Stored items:

BEGIN

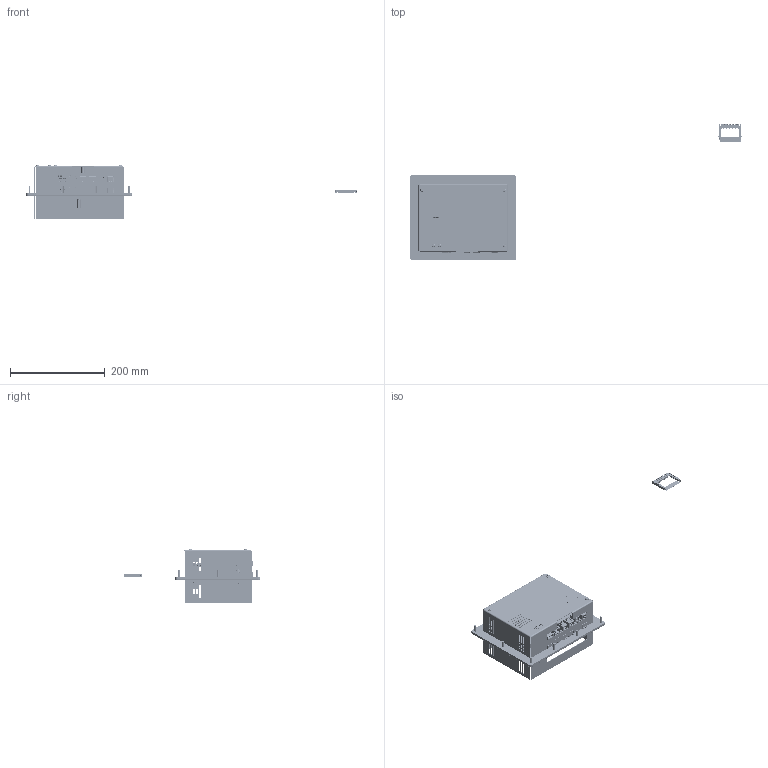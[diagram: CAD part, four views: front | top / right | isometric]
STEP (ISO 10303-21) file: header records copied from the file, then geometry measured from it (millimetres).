
FILE_DESCRIPTION( ( 'Unknown' ), '1' );
FILE_NAME( 'U:/Desktop/G306A.stp', 'Unknown', ( 'Unknown' ), ( 'Unknown' ), 'PSStep 11.0', 'Unknown', ' ' );
FILE_SCHEMA( ( 'AUTOMOTIVE_DESIGN { 1 0 10303 214 1 1 1 1 }' ) );
Length unit declared in the file: inch
Products named in the file (79): PN113829; HWSMEZ08; PB03821; CV361700; Assem1; E1638; SCOCMC11; SCOCMC11_display-Hantronix; SCOCMC11_conn; INI015M0; CNBMR080; CNHMR021; BSO-8632-18; BSO-8632-18-oa17; BSO-8632-18-oa18; S-632-1; CV113456; FHL-632-14; FH-632-8; FH-632-8-oa0; FH-632-8-oa1; FHL-632-20; FH-832-12; FH-832-12-oa2; FH-832-12-oa3; FH-832-12-oa4; FH-832-12-oa5; FH-832-12-oa6; FH-832-12-oa7; FH-832-12-oa8; FH-832-12-oa9; FH-832-12-oa10; CNTP03X0; CNMJ6601; CNMJ8801; CNHFR040; CNMJ8803; CNZT0060; CNZB0100; CNEP0500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
Bounding box: 701.38 x 289.06 x 115.89 mm (x, y, z)
Surface area: 1152794.3 mm2 (no closed solid volume)
Topology: 0 solids, 28586 shells, 28586 faces, 160603 edges, 158725 vertices
Faces by surface type: plane 22733, cylinder 4582, torus 808, bspline 155, cone 140, extrusion 100, sphere 68
Full cylindrical faces by diameter (mm): 0.4 x150, 0.559 x18, 0.61 x6, 0.635 x384, 0.711 x6, 0.8 x18, 0.889 x84, 0.94 x12, 0.991 x12, 1.016 x48, 1.168 x24, 1.2 x18, 1.372 x12, 1.499 x9, 1.524 x12, 1.575 x6, 1.6 x6, 1.651 x6, 1.778 x6, 2 x9, 2.2 x6, 2.337 x6, 2.362 x6, 2.515 x3, 2.6 x12, 2.647 x26, 3 x5, 3.048 x6, 3.155 x10, 3.175 x9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
Entity records: 572770 total; most frequent: CARTESIAN_POINT 122523, DIRECTION 75700, ORIENTED_EDGE 51466, EDGE_CURVE 51466, VERTEX_POINT 51466, VECTOR 44360, LINE 44322, AXIS2_PLACEMENT_3D 15670

END

## Work item:
Print out the records in full and exactly, dropping every picture.

## Output for this exercise:
[diagram: CAD part, four views: front | top / right | isometric]
STEP (ISO 10303-21) file: header records copied from the file, then geometry measured from it (millimetres).
FILE_DESCRIPTION( ( 'Unknown' ), '1' );
FILE_NAME( 'U:/Desktop/G306A.stp', 'Unknown', ( 'Unknown' ), ( 'Unknown' ), 'PSStep 11.0', 'Unknown', ' ' );
FILE_SCHEMA( ( 'AUTOMOTIVE_DESIGN { 1 0 10303 214 1 1 1 1 }' ) );
Length unit declared in the file: inch
Products named in the file (79): PN113829; HWSMEZ08; PB03821; CV361700; Assem1; E1638; SCOCMC11; SCOCMC11_display-Hantronix; SCOCMC11_conn; INI015M0; CNBMR080; CNHMR021; BSO-8632-18; BSO-8632-18-oa17; BSO-8632-18-oa18; S-632-1; CV113456; FHL-632-14; FH-632-8; FH-632-8-oa0; FH-632-8-oa1; FHL-632-20; FH-832-12; FH-832-12-oa2; FH-832-12-oa3; FH-832-12-oa4; FH-832-12-oa5; FH-832-12-oa6; FH-832-12-oa7; FH-832-12-oa8; FH-832-12-oa9; FH-832-12-oa10; CNTP03X0; CNMJ6601; CNMJ8801; CNHFR040; CNMJ8803; CNZT0060; CNZB0100; CNEP0500
Bounding box: 701.38 x 289.06 x 115.89 mm (x, y, z)
Surface area: 1152794.3 mm2 (no closed solid volume)
Topology: 0 solids, 28586 shells, 28586 faces, 160603 edges, 158725 vertices
Faces by surface type: plane 22733, cylinder 4582, torus 808, bspline 155, cone 140, extrusion 100, sphere 68
Full cylindrical faces by diameter (mm): 0.4 x150, 0.559 x18, 0.61 x6, 0.635 x384, 0.711 x6, 0.8 x18, 0.889 x84, 0.94 x12, 0.991 x12, 1.016 x48, 1.168 x24, 1.2 x18, 1.372 x12, 1.499 x9, 1.524 x12, 1.575 x6, 1.6 x6, 1.651 x6, 1.778 x6, 2 x9, 2.2 x6, 2.337 x6, 2.362 x6, 2.515 x3, 2.6 x12, 2.647 x26, 3 x5, 3.048 x6, 3.155 x10, 3.175 x9
Entity records: 572770 total; most frequent: CARTESIAN_POINT 122523, DIRECTION 75700, ORIENTED_EDGE 51466, EDGE_CURVE 51466, VERTEX_POINT 51466, VECTOR 44360, LINE 44322, AXIS2_PLACEMENT_3D 15670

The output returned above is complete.